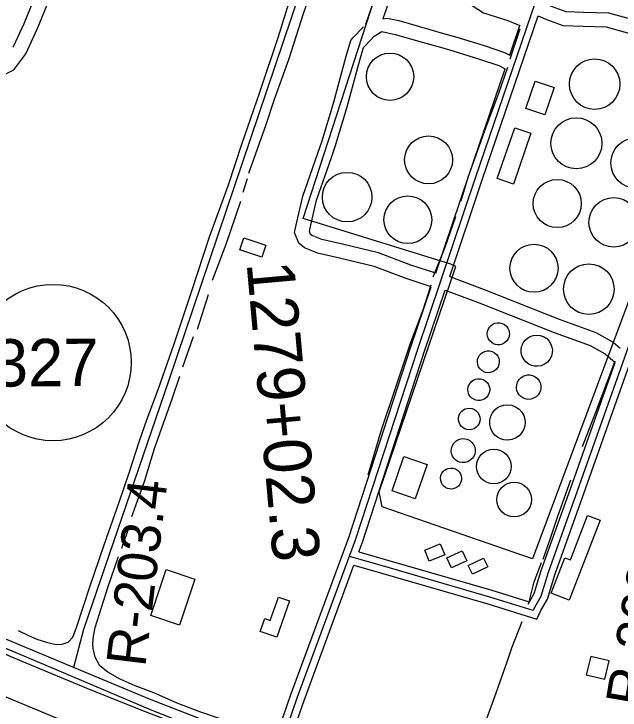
# Model space of a CAD drawing. Extents: x 3329332 to 3367211, y 631066 to 656469.
# Drawn here: x 3336928 to 3338207, y 649803 to 651272 of the extents above; entities that cross this region are included whole.
import ezdxf

# ---------------------------------------------------------------- set-up
doc = ezdxf.new("R2010")
doc.units = 0
for name, color, linetype in [('V-BLDG-OTLN', 7, 'Continuous'), ('V-DOMW-TANK', 7, 'Continuous'), ('V-LEVE-TOET', 7, 'Continuous'), ('V-RIVR-RANG-IDEN', 7, 'Continuous'), ('V-ROAD-CNTR', 7, 'Continuous'), ('V-ROAD-IDEN', 7, 'Continuous'), ('V-SITE-OTLN', 7, 'Continuous'), ('V-SURV-IDEN', 7, 'Continuous'), ('V-SURV-LINE', 7, 'Continuous'), ('V-TOPO-SHOR', 7, 'Continuous')]:
    doc.layers.add(name, color=color, linetype=linetype)

msp = doc.modelspace()

# ---------------------------------------------------------------- linework, layer by layer
at = {"layer": 'V-BLDG-OTLN'}
for points in [[(3338008.2600000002, 651072.2880000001), (3338027.802, 651129.833), (3338067.4960000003, 651116.351), (3338047.954, 651058.808)], [(3338018.4220000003, 651020.172), (3337981.5870000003, 650912.863), (3337947.645, 650924.514), (3337984.48, 651031.823)], [(3337413.113, 650799.818), (3337459.65, 650783.747), (3337450.913, 650758.446), (3337404.376, 650774.517)], [(3337799.433, 650321.372), (3337774.483, 650249.055), (3337725.877, 650265.824), (3337750.828, 650338.1410000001)], [(3338164.7060000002, 650203.573), (3338099.4760000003, 650035.297), (3338061.508, 650050.0160000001), (3338090.352, 650124.426), (3338101.8680000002, 650119.962), (3338138.252, 650213.828)], [(3337794.664, 650140.513), (3337827.538, 650154.157), (3337837.147, 650131.007), (3337804.273, 650117.363)], [(3337841.2, 650124.4450000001), (3337873.292, 650139.278), (3337883.18, 650117.885), (3337851.09, 650103.051)], [(3337886.551, 650107.985), (3337918.649, 650124.006), (3337927.759, 650105.757), (3337895.659, 650089.735)], [(3337216.929, 650002.581), (3337249.271, 650099.85), (3337309.724, 650079.7490000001), (3337277.382, 649982.479)], [(3337509.379, 650033.7390000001), (3337482.665, 649957.123), (3337447.741, 649969.301), (3337457.159, 649996.3200000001), (3337468.943, 649992.212), (3337486.237, 650041.808)], [(3338135.39169175, 649877.63821801), (3338174.2876139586, 649868.30823667), (3338183.618595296, 649907.2041588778), (3338144.7226730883, 649916.5351402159)]]:
    msp.add_lwpolyline(points, close=True, dxfattribs=at)
at = {"layer": 'V-DOMW-TANK'}
for points in [[(3337934.485, 650614.566), (3337938.015, 650617.161), (3337942.359, 650619.18), (3337947.381, 650620.313), (3337952.788, 650620.284), (3337958.161, 650618.965), (3337963.052, 650616.43), (3337967.091, 650612.946), (3337970.083, 650608.893), (3337972.012, 650604.654), (3337973.009, 650600.486), (3337973.218, 650595.97), (3337972.444, 650591.1140000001), (3337970.517, 650586.234), (3337967.4, 650581.745), (3337963.261, 650578.058), (3337958.438, 650575.486), (3337953.367, 650574.138), (3337948.454, 650573.938), (3337943.991, 650574.667), (3337939.969, 650576.1410000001), (3337935.984, 650578.552), (3337932.305, 650581.995), (3337929.315, 650586.41), (3337927.366, 650591.563), (3337926.68, 650597.054), (3337927.2800000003, 650602.43), (3337928.988, 650607.281), (3337931.501, 650611.361)], [(3338011.43, 650587.962), (3338016.74, 650591.145), (3338023.122, 650593.42), (3338030.339, 650594.354), (3338037.947, 650593.605), (3338045.343, 650591.041), (3338051.892, 650586.826), (3338057.1210000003, 650581.39), (3338060.7970000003, 650575.289), (3338062.958, 650569.0700000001), (3338063.816, 650563.071), (3338063.511, 650556.685), (3338061.786, 650549.9500000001), (3338058.432, 650543.334), (3338053.453, 650537.422), (3338047.139, 650532.779), (3338040.012, 650529.789), (3338032.696, 650528.56), (3338025.752, 650528.9230000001), (3338019.5670000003, 650530.537), (3338014.096, 650533.144), (3338008.802, 650537.059), (3338004.078, 650542.39), (3338000.447, 650549.001), (3337998.378, 650556.509), (3337998.136, 650564.333), (3337999.6890000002, 650571.818), (3338002.732, 650578.429), (3338006.806, 650583.8420000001)], [(3337913.359, 650555.1680000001), (3337916.849, 650557.759), (3337921.148, 650559.7880000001), (3337926.123, 650560.941), (3337931.488, 650560.943), (3337936.83, 650559.6630000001), (3337941.696, 650557.177), (3337945.724, 650553.74), (3337948.7120000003, 650549.737), (3337950.651, 650545.542), (3337951.665, 650541.411), (3337951.897, 650536.932), (3337951.157, 650532.109), (3337949.269, 650527.256), (3337946.205, 650522.783), (3337942.117, 650519.105), (3337937.346, 650516.524), (3337932.324, 650515.158), (3337927.448, 650514.931), (3337923.018, 650515.629), (3337919.0160000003, 650517.071), (3337915.0470000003, 650519.4400000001), (3337911.379, 650522.834), (3337908.389, 650527.2000000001), (3337906.4250000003, 650532.302), (3337905.7120000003, 650537.745), (3337906.2770000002, 650543.083), (3337907.947, 650547.91), (3337910.416, 650551.973)], [(3337894.053, 650496.99), (3337897.629, 650499.434), (3337901.989, 650501.287), (3337906.988, 650502.2390000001), (3337912.3310000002, 650502.032), (3337917.603, 650500.55), (3337922.348, 650497.881), (3337926.225, 650494.303), (3337929.0470000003, 650490.197), (3337930.815, 650485.943), (3337931.66, 650481.792), (3337931.716, 650477.321), (3337930.792, 650472.547), (3337928.724, 650467.79), (3337925.4960000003, 650463.454), (3337921.279, 650459.948), (3337916.427, 650457.566), (3337911.373, 650456.403), (3337906.507, 650456.368), (3337902.122, 650457.237), (3337898.196, 650458.83), (3337894.336, 650461.343), (3337890.815, 650464.867), (3337888.007, 650469.332), (3337886.25, 650474.4890000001), (3337885.754, 650479.939), (3337886.5270000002, 650485.231), (3337888.376, 650489.9720000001), (3337890.995, 650493.92)], [(3338006.4590000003, 650509.2930000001), (3338011.223, 650510.267), (3338016.54, 650510.29), (3338022.127, 650509.1020000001), (3338027.5640000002, 650506.5650000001), (3338032.3710000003, 650502.741), (3338036.123, 650497.916), (3338038.578, 650492.53), (3338039.715, 650487.055), (3338039.6920000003, 650481.886), (3338038.765, 650477.223), (3338036.876, 650472.574), (3338033.845, 650468.0380000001), (3338029.639, 650464.011), (3338024.414, 650460.931), (3338018.5300000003, 650459.137), (3338012.474, 650458.781), (3338006.738, 650459.774), (3338001.6920000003, 650461.855), (3337997.532, 650464.659), (3337994.161, 650468.011), (3337991.261, 650472.289), (3337989.15, 650477.4670000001), (3337988.183, 650483.306), (3337988.607, 650489.405), (3337990.465, 650495.26), (3337993.563, 650500.398), (3337997.538, 650504.498), (3338001.9620000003, 650507.4450000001)], [(3338006.376, 650410.108), (3338005.716, 650403.11), (3338003.508, 650395.747), (3337999.511, 650388.52), (3337993.7090000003, 650382.069), (3337986.393, 650377.035), (3337978.14, 650373.877), (3337969.6550000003, 650372.748), (3337961.606, 650373.488), (3337954.465, 650375.6950000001), (3337948.4050000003, 650378.946), (3337942.773, 650383.517), (3337937.772, 650389.62), (3337933.9790000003, 650397.136), (3337931.92, 650405.662), (3337931.92, 650414.554), (3337933.9790000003, 650423.08), (3337937.772, 650430.596), (3337942.773, 650436.701), (3337948.4050000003, 650441.27), (3337954.465, 650444.5210000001), (3337961.606, 650446.728), (3337969.6550000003, 650447.466), (3337978.14, 650446.339), (3337986.393, 650443.181), (3337993.7090000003, 650438.145), (3337999.511, 650431.696), (3338003.508, 650424.469), (3338005.716, 650417.106)], [(3337876.1040000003, 650436.4720000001), (3337879.909, 650438.4670000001), (3337884.415, 650439.792), (3337889.449, 650440.154), (3337894.69, 650439.335), (3337899.707, 650437.269), (3337904.078, 650434.0920000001), (3337907.484, 650430.123), (3337909.792, 650425.757), (3337911.039, 650421.362), (3337911.397, 650417.176), (3337910.937, 650412.7660000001), (3337909.478, 650408.169), (3337906.898, 650403.72), (3337903.216, 650399.823), (3337898.661, 650396.855), (3337893.609, 650395.0650000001), (3337888.4930000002, 650394.502), (3337883.698, 650395.024), (3337879.4790000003, 650396.388), (3337875.795, 650398.408), (3337872.2830000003, 650401.328), (3337869.221, 650405.203), (3337866.968, 650409.926), (3337865.829, 650415.205), (3337865.969, 650420.631), (3337867.339, 650425.755), (3337869.7060000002, 650430.211), (3337872.741, 650433.799)], [(3337869.002, 650375.063), (3337873.6920000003, 650375.919), (3337878.9080000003, 650375.833), (3337884.366, 650374.553), (3337889.648, 650371.952), (3337894.2800000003, 650368.101), (3337897.866, 650363.2930000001), (3337900.162, 650357.958), (3337901.166, 650352.5650000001), (3337901.039, 650347.4940000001), (3337900.031, 650342.938), (3337898.085, 650338.4180000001), (3337895.02, 650334.029), (3337890.809, 650330.164), (3337885.619, 650327.25), (3337879.811, 650325.612), (3337873.864, 650325.386), (3337868.256, 650326.48), (3337863.349, 650328.62), (3337859.325, 650331.459), (3337856.0870000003, 650334.819), (3337853.3310000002, 650339.0750000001), (3337851.366, 650344.1950000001), (3337850.539, 650349.944), (3337851.08, 650355.9180000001), (3337853.021, 650361.6240000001), (3337856.167, 650366.6), (3337860.15, 650370.545), (3337864.554, 650373.34)], [(3337836.611, 650309.31), (3337840.148, 650311.532), (3337844.418, 650313.16), (3337849.271, 650313.893), (3337854.414, 650313.498), (3337859.438, 650311.8740000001), (3337863.915, 650309.127), (3337867.519, 650305.533), (3337870.0870000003, 650301.476), (3337871.633, 650297.31), (3337872.299, 650293.28), (3337872.186, 650288.969), (3337871.119, 650284.4), (3337868.953, 650279.89), (3337865.682, 650275.831), (3337861.49, 650272.609), (3337856.7260000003, 650270.49), (3337851.811, 650269.556), (3337847.1210000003, 650269.699), (3337842.927, 650270.699), (3337839.199, 650272.378), (3337835.572, 650274.942), (3337832.31, 650278.469), (3337829.7660000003, 650282.876), (3337828.2630000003, 650287.912), (3337827.987, 650293.182), (3337828.9250000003, 650298.252), (3337830.884, 650302.754), (3337833.553, 650306.463)]]:
    msp.add_lwpolyline(points, close=True, dxfattribs=at)
for centre, radius in [((3337721.422526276, 651139.4142933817), 49.92223026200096), ((3338153.103905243, 651123.7239077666), 53.24630997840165), ((3338114.531359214, 650998.9432229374), 53.8207755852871), ((3337802.758725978, 650963.8763574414), 50.51238823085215), ((3338240.245628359, 650957.4500719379), 52.8947480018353), ((3337630.98572131, 650885.4010597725), 52.26802205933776), ((3338074.1135516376, 650871.9143010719), 50.777583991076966), ((3337759.032136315, 650837.666480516), 50.40586754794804), ((3338193.3709002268, 650832.2113166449), 52.236251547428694), ((3338025.1636538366, 650735.4327266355), 50.663710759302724), ((3338140.786429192, 650691.2992106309), 53.38208720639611), ((3337940.2538369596, 650317.2020386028), 36.55618293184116), ((3337983.3630298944, 650247.2283144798), 36.59716773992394)]:
    msp.add_circle(centre, radius, dxfattribs=at)
at = {"layer": 'V-LEVE-TOET'}
msp.add_lwpolyline([(3337615.179, 649642.509), (3337494.578, 649685.679), (3337361.847, 649739.015), (3337202.353, 649801.209), (3337090.813, 649845.022), (3336945.235, 649905.397), (3336818.775, 649959.046), (3336694.376, 650007.459), (3336566.857, 650058.327), (3336448.007, 650103.2270000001), (3336336.455, 650144.951), (3336224.214, 650188.074), (3336140.117, 650219.892), (3336101.211, 650237.47), (3336073.77, 650249.868), (3336031, 650261.253), (3335964.251, 650281.481), (3335912.803, 650298.14)], dxfattribs=at)
at = {"layer": 'V-ROAD-CNTR'}
for points in [[(3338668.0386264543, 654644.934683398), (3338523.253916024, 654233.618506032), (3338032.465897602, 652783.0184072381), (3337720.7975209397, 651884.8272036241), (3337530.17290219, 651315.3403425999), (3337254.259454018, 650497.35197858), (3337074.4858135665, 649973.226026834), (3337053.751855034, 649893.1841869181)], [(3337488.7839849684, 649720.3165326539), (3337488.4559856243, 649719.9745333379), (3337525.9019107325, 649828.81331566), (3337648.9226646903, 650162.451648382), (3337779.82740288, 650564.9098434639), (3337901.8621588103, 650926.380120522), (3338057.745847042, 651383.9182054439), (3338174.778612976, 651726.0105212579), (3338250.9074607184, 651927.48411831)], [(3336925.9971105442, 651201.627570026), (3336926.992108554, 651202.966567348), (3336949.9600626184, 651251.503470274), (3337022.195918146, 651429.669113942), (3337051.5438594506, 651501.026971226)], [(3336950.9020607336, 651184.842603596), (3336952.840056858, 651187.4505983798), (3336977.4420076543, 651239.4414943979), (3337049.9698625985, 651418.327136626), (3337079.289803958, 651489.616994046)], [(3337850.603261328, 651314.754343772), (3337856.251250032, 651312.717347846), (3337884.624193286, 651296.2483807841), (3337918.76212501, 651274.079425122), (3337970.20202213, 651258.3004566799), (3337995.4169717, 651247.4874783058)], [(3337670.230622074, 651249.9884733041), (3337686.025590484, 651295.213382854)], [(3338043.7518750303, 651296.33038062), (3338061.6398392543, 651288.3413965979), (3338092.073778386, 651277.0784191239), (3338129.5637034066, 651275.8814215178), (3338182.1205982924, 651274.181424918), (3338236.5274894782, 651259.1964548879), (3338315.877330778, 651231.5305102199), (3338372.983216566, 651216.867539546), (3338403.4621556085, 651217.4985382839), (3338431.4510996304, 651221.014531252), (3338448.998064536, 651207.6275580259)], [(3337715.8835307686, 651289.716393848), (3337706.3515498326, 651261.4054504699), (3337715.685531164, 651263.0954470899), (3337739.789482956, 651257.70045788), (3337805.1533522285, 651239.0574951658), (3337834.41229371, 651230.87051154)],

Task prompt:
Every line between the start of the listing and the line containing "msp = doc.modelspace()", both ends counted, needs to be printed exactly, minus the pictures.

Response area:
# Model space of a CAD drawing. Extents: x 3329332 to 3367211, y 631066 to 656469.
# Drawn here: x 3336928 to 3338207, y 649803 to 651272 of the extents above; entities that cross this region are included whole.
import ezdxf

# ---------------------------------------------------------------- set-up
doc = ezdxf.new("R2010")
doc.units = 0
for name, color, linetype in [('V-BLDG-OTLN', 7, 'Continuous'), ('V-DOMW-TANK', 7, 'Continuous'), ('V-LEVE-TOET', 7, 'Continuous'), ('V-RIVR-RANG-IDEN', 7, 'Continuous'), ('V-ROAD-CNTR', 7, 'Continuous'), ('V-ROAD-IDEN', 7, 'Continuous'), ('V-SITE-OTLN', 7, 'Continuous'), ('V-SURV-IDEN', 7, 'Continuous'), ('V-SURV-LINE', 7, 'Continuous'), ('V-TOPO-SHOR', 7, 'Continuous')]:
    doc.layers.add(name, color=color, linetype=linetype)

msp = doc.modelspace()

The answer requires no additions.